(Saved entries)
#####

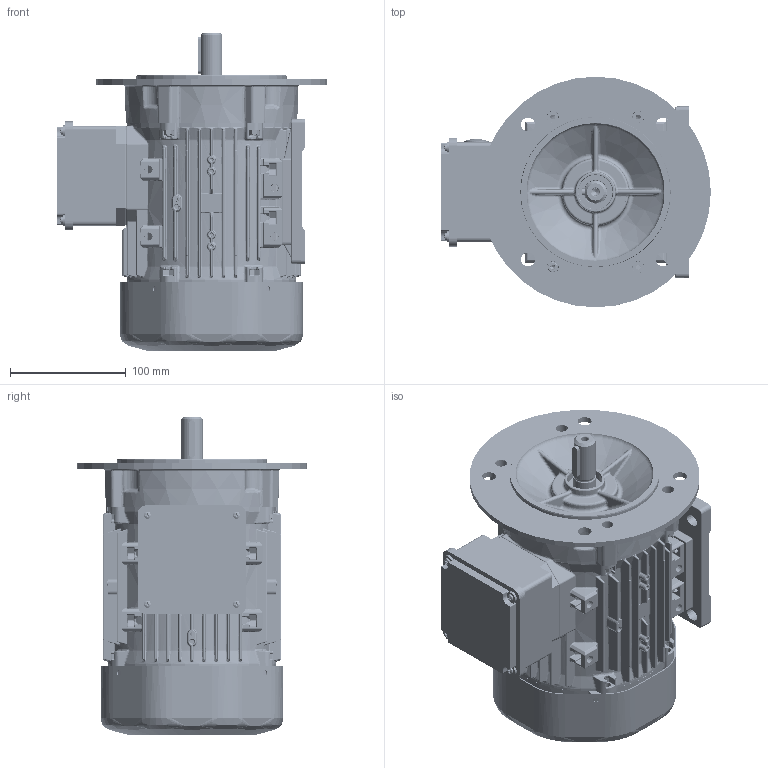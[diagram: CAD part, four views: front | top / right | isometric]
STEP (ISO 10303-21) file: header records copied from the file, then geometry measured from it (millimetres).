
FILE_DESCRIPTION(/* description */ (''),/* implementation_level */ '2;1');
FILE_NAME(/* name */ 'OUTLOOK VIEW QH80 PA B35 FF165 SPL.stp',/* time_stamp */ '2021-09-10T13:38:19+03:00',/* author */ (''),/* organization */ (''),/* preprocessor_version */ 'ST-DEVELOPER v16',/* originating_system */ 'SIEMENS PLM Software NX 11.0',/* authorisation */ '');
FILE_SCHEMA (('AUTOMOTIVE_DESIGN { 1 0 10303 214 3 1 1 1 }'));
Products named in the file (1): 26061960DD717nup
Bounding box: 233.25 x 199.5 x 275 mm (x, y, z)
Volume: 2511134.4 mm3; surface area: 1010323.4 mm2
Topology: 49 solids, 53 shells, 10629 faces, 25891 edges, 14922 vertices
Faces by surface type: bspline 3246, cylinder 3147, plane 2387, sphere 697, cone 547, torus 521, extrusion 84
Full cylindrical faces by diameter (mm): 0.1 x2, 3.3 x5, 3.985 x3, 4 x4, 4.2 x1, 4.22 x3, 4.5 x4, 5 x5, 5.3 x2, 5.5 x4, 6 x1, 6.4 x1, 6.6 x1, 8 x1, 8.5 x1, 10 x6, 12 x4, 18.38 x2, 18.4 x1, 19 x3, 19.4 x2, 20 x6, 20.2 x1, 20.5 x1, 25 x2, 28.8 x8, 30 x2, 38.45 x4, 40.59 x8, 47 x5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
Entity records: 430041 total; most frequent: CARTESIAN_POINT 160197, ORIENTED_EDGE 49474, DIRECTION 44463, EDGE_CURVE 24737, AXIS2_PLACEMENT_3D 18254, VERTEX_POINT 14751, EDGE_LOOP 11666, ADVANCED_FACE 10626

#####

The lines above that hold the word "records" are the ones to copy.

STEP (ISO 10303-21) file: header records copied from the file, then geometry measured from it (millimetres).
Entity records: 430041 total; most frequent: CARTESIAN_POINT 160197, ORIENTED_EDGE 49474, DIRECTION 44463, EDGE_CURVE 24737, AXIS2_PLACEMENT_3D 18254, VERTEX_POINT 14751, EDGE_LOOP 11666, ADVANCED_FACE 10626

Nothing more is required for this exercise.